О редкостных и своеобразных способах умерщвления плоти, к коим прибегал священник люмбрского прихода, можно лишь гадать по случайно оброненному слову, свидетельству немногочисленных людей, близко знавших Дониссана, или отдельным смутным признаниям, ибо святой отец держал все в строжайшей тайне. Нередко и лукавством сбивал он с толку любопытствующих, и какой-нибудь нашумевший писатель-человеколюб (как они сами изволят выражаться), нарочно приехавший ради такой диковины, отправлялся восвояси совершенно обмороченный. И если нам более или менее хорошо известны некоторые из употреблявшихся им приемов, например, посты, которых ужасающая строгость превосходит человеческое разумение, он унес в могилу тайну других, много более лютых самоистязаний. Последнюю свою просьбу он обратил к одному из друзей, моля его сжалиться над ним и не звать врача. Бедная девица, ухаживавшая за ним и впоследствии ставшая игуменьей, известной под именем Марии Ангельской, а в те поры нанимавшаяся прислугой к обывателям городка Брес, сказывала, что низ шеи и плечи отца Дониссана были изборождены рубцами, из коих некоторые выпячивались валиком в мизинец толщиной… Еще доктор Леваль, во время одного из первых припадков неистовства у Дониссана, обнаружил на его боках глубокие рытвины от старых ожогов. Когда он мягко выразил свое удивление сим обстоятельством, святой промолчал, залившись краской смущения.

— И я делал глупости в свое время, — сказал он однажды аббату Даржану, когда тот читал ему из жития отцов пустынников.

И в ответ на вопросительный взгляд собеседника заметил, стеснительно и в то же время простодушно-лукаво улыбаясь:

— Молодость, знаете ли, не ведает сомнений, — ей надо дать перебеситься.

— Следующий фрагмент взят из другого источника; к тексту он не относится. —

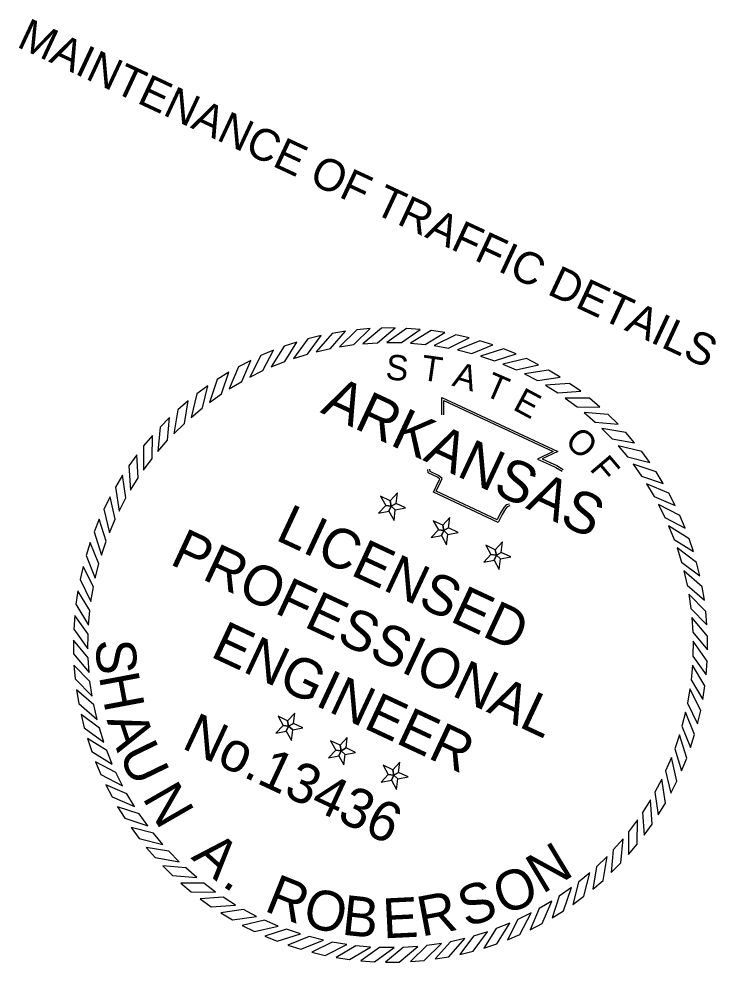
# Model space of a CAD drawing. Extents: x 980546 to 982069, y 1837601 to 1838871.
# Drawn here: x 981937.7 to 982068.9, y 1838373 to 1838550.4 of the extents above; entities that cross this region are included whole.
import ezdxf

# ---------------------------------------------------------------- set-up
doc = ezdxf.new("R2010")
doc.units = 0
doc.layers.add('G-ANNO-SYMB', color=7, linetype='Continuous')
doc.layers.add('G-ANNO-TEXT', color=7, linetype='Continuous')

msp = doc.modelspace()

# ---------------------------------------------------------------- linework, layer by layer
at = {"layer": 'G-ANNO-SYMB'}
for points in [[(981999.15, 1838491.68), (981996.62, 1838491.27), (981993.62, 1838487.82), (981996.33, 1838488.43)], [(982003.81, 1838492.16), (982001.26, 1838491.95), (981998, 1838488.74), (982000.74, 1838489.14)], [(982008.5, 1838492.28), (982005.93, 1838492.26), (982002.43, 1838489.32), (982005.19, 1838489.51)], [(982013.18, 1838492.02), (982010.62, 1838492.21), (982006.89, 1838489.55), (982009.66, 1838489.52)], [(982017.82, 1838491.4), (982015.28, 1838491.79), (982011.36, 1838489.43), (982014.12, 1838489.18)], [(981994.55, 1838490.84), (981992.06, 1838490.22), (981989.34, 1838486.55), (981991.98, 1838487.37)], [(982022.4, 1838490.42), (982019.9, 1838491), (982015.81, 1838488.96), (982018.54, 1838488.5)], [(982026.89, 1838489.08), (982024.44, 1838489.86), (982020.2, 1838488.15), (982022.89, 1838487.47)], [(981985.6, 1838488.08), (981983.24, 1838487.08), (981981.13, 1838483.03), (981983.61, 1838484.26)], [(981990.02, 1838489.64), (981987.59, 1838488.83), (981985.16, 1838484.95), (981987.74, 1838485.98)], [(982031.26, 1838487.39), (982028.88, 1838488.36), (982024.52, 1838486.99), (982027.15, 1838486.1)], [(981981.32, 1838486.18), (981979.04, 1838485), (981977.25, 1838480.8), (981979.63, 1838482.22)], [(982035.48, 1838485.37), (982033.19, 1838486.52), (982028.73, 1838485.49), (982031.28, 1838484.4)], [(981977.2, 1838483.96), (981975.02, 1838482.6), (981973.57, 1838478.27), (981975.83, 1838479.87)], [(982039.53, 1838483.02), (982037.34, 1838484.35), (982032.82, 1838483.67), (982035.27, 1838482.38)], [(981973.26, 1838481.41), (981971.2, 1838479.89), (981970.09, 1838475.46), (981972.22, 1838477.23)], [(982043.39, 1838480.36), (982041.3, 1838481.85), (982036.74, 1838481.53), (982039.09, 1838480.06)], [(982047.02, 1838477.4), (982045.06, 1838479.06), (982040.49, 1838479.1), (982042.71, 1838477.44)], [(981969.54, 1838478.57), (981967.6, 1838476.89), (981966.85, 1838472.38), (981968.83, 1838474.32)], [(982050.42, 1838474.17), (982048.59, 1838475.97), (982044.03, 1838476.37), (982046.12, 1838474.55)], [(981966.05, 1838475.44), (981964.25, 1838473.62), (981963.85, 1838469.06), (981965.68, 1838471.15)], [(981962.82, 1838472.05), (981961.17, 1838470.09), (981961.13, 1838465.52), (981962.78, 1838467.74)], [(982053.54, 1838470.68), (982051.86, 1838472.62), (982047.35, 1838473.38), (982049.29, 1838471.4)], [(981959.87, 1838468.41), (981958.37, 1838466.33), (981958.69, 1838461.77), (981960.17, 1838464.11)], [(982056.39, 1838466.96), (982054.87, 1838469.03), (982050.43, 1838470.13), (982052.2, 1838468.01)], [(982058.93, 1838463.03), (982057.58, 1838465.21), (982053.24, 1838466.66), (982054.84, 1838464.4)], [(981957.21, 1838464.56), (981955.88, 1838462.36), (981956.56, 1838457.84), (981957.84, 1838460.3)], [(982061.16, 1838458.91), (982059.98, 1838461.19), (982055.77, 1838462.97), (982057.19, 1838460.59)], [(981954.86, 1838460.51), (981953.71, 1838458.21), (981954.74, 1838453.76), (981955.83, 1838456.31)], [(982007.75, 1838458.77), (982007.55, 1838459.79), (982005.76, 1838460.63), (982006.72, 1838458.89)], [(982007.75, 1838458.77), (982008.66, 1838459.27), (982008.91, 1838461.24), (982007.55, 1838459.79)], [(982007.75, 1838458.77), (982006.72, 1838458.89), (982005.37, 1838457.44), (982007.31, 1838457.82)], [(982007.75, 1838458.77), (982007.31, 1838457.82), (982008.27, 1838456.09), (982008.51, 1838458.06)], [(982007.75, 1838458.77), (982008.51, 1838458.06), (982010.46, 1838458.43), (982008.66, 1838459.27)], [(982063.06, 1838454.62), (982062.06, 1838456.99), (982058, 1838459.1), (982059.23, 1838456.62)], [(981952.83, 1838456.28), (981951.86, 1838453.91), (981953.24, 1838449.55), (981954.13, 1838452.17)], [(982017.64, 1838454.16), (982017.44, 1838455.18), (982015.65, 1838456.02), (982016.61, 1838454.28)], [(982017.64, 1838454.16), (982018.55, 1838454.66), (982018.79, 1838456.63), (982017.44, 1838455.18)], [(982017.64, 1838454.16), (982016.61, 1838454.28), (982015.25, 1838452.83), (982017.2, 1838453.21)], [(982017.64, 1838454.16), (982018.4, 1838453.45), (982020.35, 1838453.82), (982018.55, 1838454.66)], [(982064.61, 1838450.21), (982063.8, 1838452.64), (982059.92, 1838455.06), (982060.95, 1838452.49)], [(982017.64, 1838454.16), (982017.2, 1838453.21), (982018.16, 1838451.48), (982018.4, 1838453.45)], [(981951.14, 1838451.91), (981950.37, 1838449.47), (981952.08, 1838445.23), (981952.76, 1838447.92)], [(982027.53, 1838449.55), (982027.33, 1838450.57), (982025.53, 1838451.41), (982026.49, 1838449.67)], [(982027.53, 1838449.55), (982028.44, 1838450.05), (982028.68, 1838452.02), (982027.33, 1838450.57)], [(982065.81, 1838445.68), (982065.2, 1838448.17), (982061.52, 1838450.89), (982062.35, 1838448.24)], [(982027.53, 1838449.55), (982026.49, 1838449.67), (982025.14, 1838448.22), (982027.09, 1838448.6)], [(982027.53, 1838449.55), (982027.09, 1838448.6), (982028.05, 1838446.87), (982028.29, 1838448.84)], [(982027.53, 1838449.55), (982028.29, 1838448.84), (982030.23, 1838449.21), (982028.44, 1838450.05)], [(981949.8, 1838447.42), (981949.22, 1838444.93), (981951.26, 1838440.83), (981951.73, 1838443.57)], [(982066.66, 1838441.07), (982066.24, 1838443.6), (982062.79, 1838446.6), (982063.4, 1838443.9)], [(981948.82, 1838442.84), (981948.44, 1838440.31), (981950.79, 1838436.39), (981951.04, 1838439.15)], [(982067.14, 1838436.41), (982066.92, 1838438.97), (982063.72, 1838442.23), (982064.12, 1838439.49)], [(981948.2, 1838438.2), (981948.02, 1838435.64), (981950.67, 1838431.92), (981950.71, 1838434.69)], [(982067.25, 1838431.73), (982067.24, 1838434.29), (982064.3, 1838437.8), (982064.48, 1838435.03)], [(981947.95, 1838433.52), (981947.96, 1838430.96), (981950.9, 1838427.46), (981950.72, 1838430.22)], [(982067, 1838427.05), (982067.18, 1838429.61), (982064.53, 1838433.33), (982064.49, 1838430.56)], [(981948.06, 1838428.84), (981948.28, 1838426.28), (981951.48, 1838423.02), (981951.08, 1838425.77)], [(982066.38, 1838422.41), (982066.76, 1838424.94), (982064.41, 1838428.86), (982064.16, 1838426.1)], [(981948.54, 1838424.18), (981948.96, 1838421.65), (981952.41, 1838418.65), (981951.79, 1838421.35)], [(982065.39, 1838417.83), (982065.98, 1838420.33), (982063.94, 1838424.42), (982063.47, 1838421.69)], [(981949.39, 1838419.57), (981950, 1838417.08), (981953.68, 1838414.36), (981952.85, 1838417.01)], [(981988.45, 1838417.36), (981988.25, 1838418.39), (981986.45, 1838419.22), (981987.41, 1838417.49)], [(981988.45, 1838417.36), (981989.36, 1838417.87), (981989.6, 1838419.84), (981988.25, 1838418.39)], [(982064.06, 1838413.34), (982064.83, 1838415.78), (982063.12, 1838420.02), (982062.44, 1838417.34)], [(981988.45, 1838417.36), (981987.41, 1838417.49), (981986.06, 1838416.04), (981988.01, 1838416.42)], [(981988.45, 1838417.36), (981988.01, 1838416.42), (981988.97, 1838414.69), (981989.21, 1838416.65)], [(981988.45, 1838417.36), (981989.21, 1838416.65), (981991.15, 1838417.03), (981989.36, 1838417.87)], [(981998.33, 1838412.75), (981999.24, 1838413.26), (981999.49, 1838415.23), (981998.13, 1838413.78)], [(982062.37, 1838408.97), (982063.33, 1838411.34), (982061.96, 1838415.71), (982061.07, 1838413.08)], [(981950.59, 1838415.05), (981951.4, 1838412.61), (981955.28, 1838410.19), (981954.25, 1838412.76)], [(981998.33, 1838412.75), (981998.13, 1838413.78), (981996.34, 1838414.61), (981997.3, 1838412.88)], [(981998.33, 1838412.75), (981997.3, 1838412.88), (981995.95, 1838411.43), (981997.89, 1838411.81)], [(981998.33, 1838412.75), (981997.89, 1838411.81), (981998.85, 1838410.08), (981999.1, 1838412.04)], [(981998.33, 1838412.75), (981999.1, 1838412.04), (982001.04, 1838412.42), (981999.24, 1838413.26)], [(981952.14, 1838410.63), (981953.14, 1838408.26), (981957.2, 1838406.15), (981955.97, 1838408.64)], [(982008.22, 1838408.14), (982008.02, 1838409.17), (982006.23, 1838410), (982007.19, 1838408.27)], [(982008.22, 1838408.14), (982009.13, 1838408.65), (982009.37, 1838410.62), (982008.02, 1838409.17)], [(982060.34, 1838404.74), (982061.49, 1838407.04), (982060.46, 1838411.49), (982059.37, 1838408.94)], [(982008.22, 1838408.14), (982007.19, 1838408.27), (982005.84, 1838406.82), (982007.78, 1838407.2)], [(982008.22, 1838408.14), (982007.78, 1838407.2), (982008.74, 1838405.47), (982008.98, 1838407.43)], [(982008.22, 1838408.14), (982008.98, 1838407.43), (982010.93, 1838407.81), (982009.13, 1838408.65)], [(981954.04, 1838406.34), (981955.22, 1838404.07), (981959.43, 1838402.28), (981958.01, 1838404.66)], [(982057.99, 1838400.69), (982059.32, 1838402.89), (982058.64, 1838407.41), (982057.36, 1838404.96)], [(982055.33, 1838396.84), (982056.83, 1838398.92), (982056.51, 1838403.48), (982055.03, 1838401.14)], [(981956.27, 1838402.22), (981957.62, 1838400.04), (981961.96, 1838398.59), (981960.36, 1838400.85)], [(982052.38, 1838393.2), (982054.03, 1838395.16), (982054.07, 1838399.74), (982052.41, 1838397.51)], [(981958.81, 1838398.29), (981960.33, 1838396.22), (981964.77, 1838395.12), (981963, 1838397.25)], [(982049.15, 1838389.81), (982050.95, 1838391.64), (982051.35, 1838396.19), (982049.52, 1838394.11)], [(981961.66, 1838394.57), (981963.34, 1838392.63), (981967.85, 1838391.87), (981965.91, 1838393.86)], [(982045.66, 1838386.68), (982047.6, 1838388.36), (982048.35, 1838392.87), (982046.37, 1838390.93)], [(981964.78, 1838391.08), (981966.61, 1838389.28), (981971.17, 1838388.88), (981969.08, 1838390.7)], [(982041.94, 1838383.84), (982044, 1838385.36), (982045.11, 1838389.8), (982042.98, 1838388.02)], [(981968.18, 1838387.85), (981970.14, 1838386.19), (981974.71, 1838386.16), (981972.49, 1838387.81)], [(982038, 1838381.29), (982040.18, 1838382.65), (982041.63, 1838386.99), (982039.37, 1838385.38)], [(981971.81, 1838384.89), (981973.9, 1838383.4), (981978.46, 1838383.72), (981976.11, 1838385.19)], [(982033.88, 1838379.07), (982036.16, 1838380.25), (982037.95, 1838384.46), (982035.57, 1838383.04)], [(981975.67, 1838382.23), (981977.86, 1838380.91), (981982.38, 1838381.58), (981979.93, 1838382.87)], [(982029.6, 1838377.17), (982031.96, 1838378.17), (982034.07, 1838382.22), (982031.59, 1838380.99)], [(981979.72, 1838379.88), (981982.01, 1838378.73), (981986.47, 1838379.76), (981983.92, 1838380.85)], [(982025.18, 1838375.62), (982027.61, 1838376.42), (982030.04, 1838380.3), (982027.46, 1838379.27)], [(981983.94, 1838377.86), (981986.32, 1838376.89), (981990.68, 1838378.27), (981988.05, 1838379.15)], [(982020.65, 1838374.41), (982023.14, 1838375.03), (982025.86, 1838378.7), (982023.22, 1838377.88)], [(981988.31, 1838376.17), (981990.76, 1838375.39), (981995, 1838377.11), (981992.31, 1838377.79)], [(981992.8, 1838374.83), (981995.3, 1838374.25), (981999.39, 1838376.29), (981996.66, 1838376.75)], [(982011.38, 1838373.09), (982013.94, 1838373.3), (982017.2, 1838376.51), (982014.46, 1838376.11)], [(982016.04, 1838373.57), (982018.58, 1838373.98), (982021.58, 1838377.44), (982018.87, 1838376.82)], [(981997.38, 1838373.85), (981999.92, 1838373.46), (982003.84, 1838375.82), (982001.08, 1838376.07)], [(982002.02, 1838373.23), (982004.58, 1838373.04), (982008.31, 1838375.7), (982005.53, 1838375.73)], [(982006.7, 1838372.97), (982009.27, 1838372.99), (982012.77, 1838375.93), (982010, 1838375.74)]]:
    msp.add_lwpolyline(points, close=True, dxfattribs=at)
for points in [[(982017.24, 1838475.91), (982017.25, 1838479.23), (982039.06, 1838469.07), (982036.17, 1838467.63), (982037.66, 1838466.96), (982038.91, 1838466.4), (982040.08, 1838465.68)], [(982017.62, 1838475.91), (982017.63, 1838478.63), (982038.19, 1838469.06), (982035.29, 1838467.61), (982037.51, 1838466.61), (982038.73, 1838466.06), (982039.89, 1838465.36)], [(982030.09, 1838458.79), (982029.57, 1838458.66), (982029.24, 1838458.27), (982028.59, 1838457.19), (982027.89, 1838455.68), (982015.71, 1838461.36), (982016.66, 1838463.4), (982016.87, 1838463.85), (982016.45, 1838464.23), (982014.72, 1838465.04), (982014.63, 1838465.65)], [(982029.99, 1838459.16), (982029.36, 1838459), (982028.93, 1838458.49), (982028.25, 1838457.37), (982027.7, 1838456.19), (982016.22, 1838461.55), (982017.01, 1838463.24), (982017.34, 1838463.94), (982016.66, 1838464.55), (982015.06, 1838465.3), (982015, 1838465.71)]]:
    msp.add_lwpolyline(points, dxfattribs=at)

# ---------------------------------------------------------------- texts
for s, height, rotation, p in [('S', 4.75, 354.7726, (982006.55, 1838482.64)), ('T', 4.75, 351.9015, (982013.16, 1838482.54)), ('A', 4.75, 343.6788, (982019.02, 1838481.47)), ('T', 4.75, 336.4789, (982024.97, 1838479.73)), ('ARKANSAS', 7.747, 335, (981994.25, 1838476.45)), ('E', 4.75, 331.672, (982030.42, 1838477.04)), ('O', 4.75, 316.2218, (982040.18, 1838470.69)), ('F', 4.75, 310.3628, (982044.92, 1838465.72)), ('LICENSED', 7.5, 335, (981985.74, 1838452.52)), ('PROFESSIONAL', 7.5, 335, (981965.88, 1838447.94)), ('ENGINEER', 7.5, 335, (981973.52, 1838430.54)), ('S', 7.5, 273.1636, (981952.12, 1838433.56)), ('H', 7.5, 280.619, (981952.73, 1838426.79)), ('No.13436', 7.47, 335, (981968.11, 1838413.33)), ('A', 7.5, 288.4472, (981954.16, 1838418.57)), ('U', 7.5, 295.9026, (981956.33, 1838412.17)), ('N', 7.5, 299.9326, (981960.82, 1838403.91)), ('A', 7.5, 318.0991, (981969.94, 1838392.55)), ('N', 7.5, 31.1007, (982036.19, 1838385.71)), ('O', 7.5, 19.7757, (982028.62, 1838381.79)), ('R', 7.5, 338.2287, (981983.64, 1838382.71)), ('.', 7.5, 326.3, (981975.7, 1838387.46)), ('S', 7.5, 18.4878, (982021.84, 1838379.46)), ('O', 7.5, 346.4296, (981990.8, 1838379.91)), ('B', 7.5, 353.885, (981998.28, 1838378.17)), ('E', 7.5, 2.8315, (982006.29, 1838377.43)), ('R', 7.5, 10.6597, (982013.44, 1838377.76))]:
    msp.add_text(s, height=height, rotation=rotation, dxfattribs=at).set_placement(p)
at = {"layer": 'G-ANNO-TEXT'}
msp.add_text('MAINTENANCE OF TRAFFIC DETAILS', height=6, rotation=335, dxfattribs=at).set_placement((981937.1, 1838545.27))

doc.saveas('drawing.dxf')

Теперь же, вставши в изножии узкой койки, он неутомимо, с холодным бешенством хлестал себя цепью. После первых ударов на вздувшейся коже выступило лишь несколько алых капель, но вдруг кровь хлынула ручьем. С каждым новым взмахом руки цепь, изогнувшись на миг над его головой, со свистом впивалась ему в бок, виясь гадюкою. Он отдирал ее от тела и вновь расчетливо-мерно взметывал над собой, словно крестьянин, молотящий цепом снопы на гумне. Пронзительная боль, вначале исторгавшая из его груди глухие стенания, а потом лишь глубокие вздохи, словно гасла в потоках теплой крови, сбегавших по спине и рождавших в нем чувство мучительного упоения. У ног натекала рыжевато-бурая лужа, но он ничего не видел. Его помутившийся взор устремлялся сквозь розовую пелену к бледно-синему небу. Но вот исчезла красноватая мгла, а вместе с нею и запорошенная снегом грязь, и самый свет дня. Но он все хлестал и хлестал в этой внезапно наставшей мгле, — он готов был засечь себя до смерти. Мысли в голове, словно оцепеневшие от лютой телесной боли, ни на чем определенном более не задерживались, и было в нем лишь одно желание: разить и истреблять в мерзкой плоти своей самые корни зла. Каждое новое уязвление рождало другое, еще мучительнейшее, но ему все мало было, ибо достиг того исступления, когда обманувшийся в любови своей всю силу ее обращает к разрушению. Быть может, он надеялся сокрушить и отторгнуть непомерно тяжкую часть своего существа, бремя нищеты человеческой, что не поднять горе? Или хотел покарать бренное тело, коего и апостол желал избыти? Но искушение только глубже проникало ему в сердце, и он ненавидел всего себя. Ненавидел, как может ненавидеть жизнь человек, чья мечта погибла… Но в руке своей он сжимал бесполезное орудие, праздно терзавшее плоть его.